> **What is being asked**
Print the entries that appear below, exactly as written and without their pictures.

►

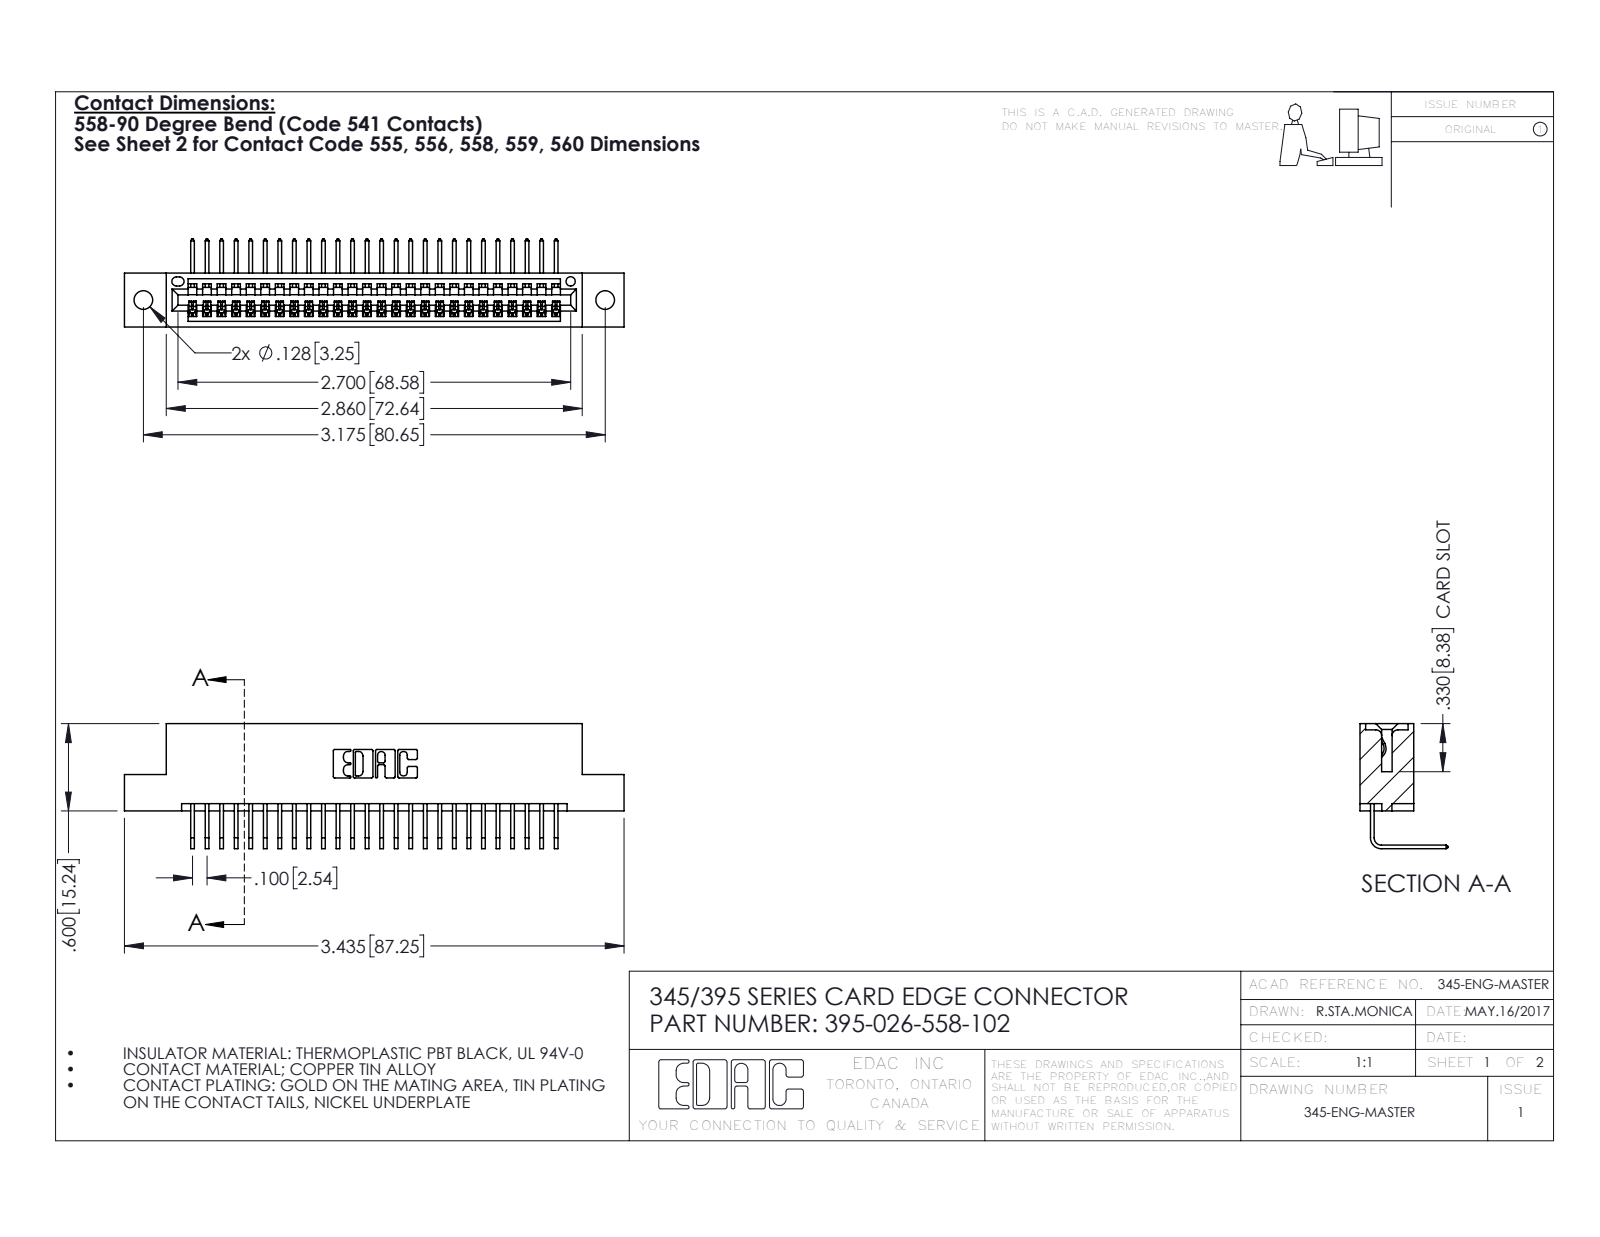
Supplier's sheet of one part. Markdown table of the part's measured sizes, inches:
| quantity | value |
| --- | --- |
| part name | 345-292-001_558 Tail - 2; 395-026-558-102; 345 Part_Flush Mounting Lugs - 0.128 Dia |
| STEP written by | SolidWorks 2016 (CONFIG_CONTROL_DESIGN) |
| units | inches |
| bodies | 27 solids, 1686 faces (1172 planar, 514 cylindrical, 0 other) |
| overall size | 3.435 × 0.859 × 0.605 |
| volume | 0.501 in³ |
| surface area | 16.93 in² |
| round holes (diameter × count) | 0.128 × 2, 0.064 × 1 |
| partial cylindrical surfaces (radius × count) | 0.006 × 52, 0.01 × 22, 0.007 × 6, 0.031 × 6, 0.026 × 3, 0.031 × 2, 0.04 × 2, 0.014 × 1 |
| main face-to-face distances | 0.298, 0.072, 0.2, 0.37, 0.098, 0.272, 0.025, 0.225, 0.149, 0.072 |
| hole center spacings | 0.27, 2.94, 3.175 |
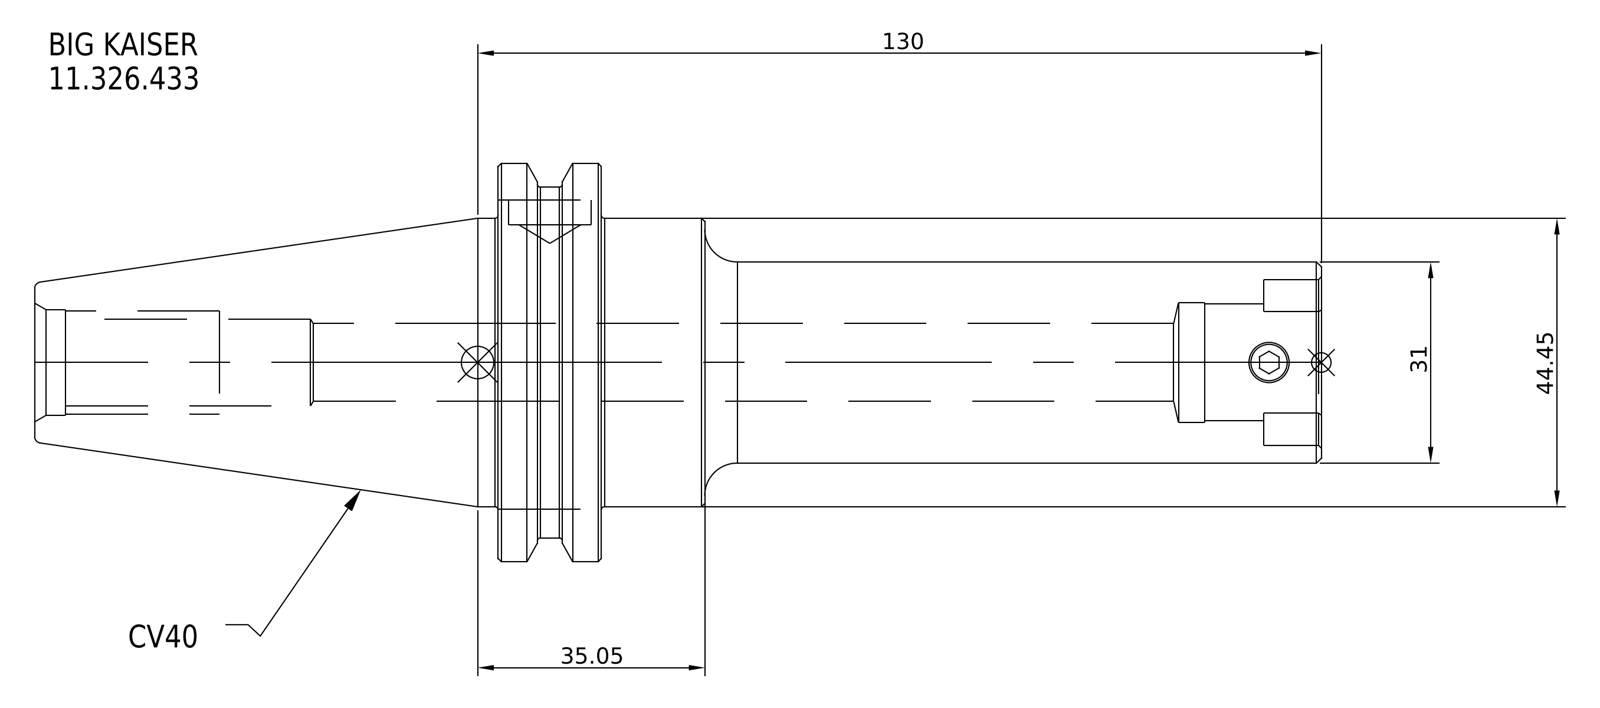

◄

> **Written answer**
Supplier's sheet of one part. Markdown table of the part's measured sizes, inches:
| quantity | value |
| --- | --- |
| part name | 345-292-001_558 Tail - 2; 395-026-558-102; 345 Part_Flush Mounting Lugs - 0.128 Dia |
| STEP written by | SolidWorks 2016 (CONFIG_CONTROL_DESIGN) |
| units | inches |
| bodies | 27 solids, 1686 faces (1172 planar, 514 cylindrical, 0 other) |
| overall size | 3.435 × 0.859 × 0.605 |
| volume | 0.501 in³ |
| surface area | 16.93 in² |
| round holes (diameter × count) | 0.128 × 2, 0.064 × 1 |
| partial cylindrical surfaces (radius × count) | 0.006 × 52, 0.01 × 22, 0.007 × 6, 0.031 × 6, 0.026 × 3, 0.031 × 2, 0.04 × 2, 0.014 × 1 |
| main face-to-face distances | 0.298, 0.072, 0.2, 0.37, 0.098, 0.272, 0.025, 0.225, 0.149, 0.072 |
| hole center spacings | 0.27, 2.94, 3.175 |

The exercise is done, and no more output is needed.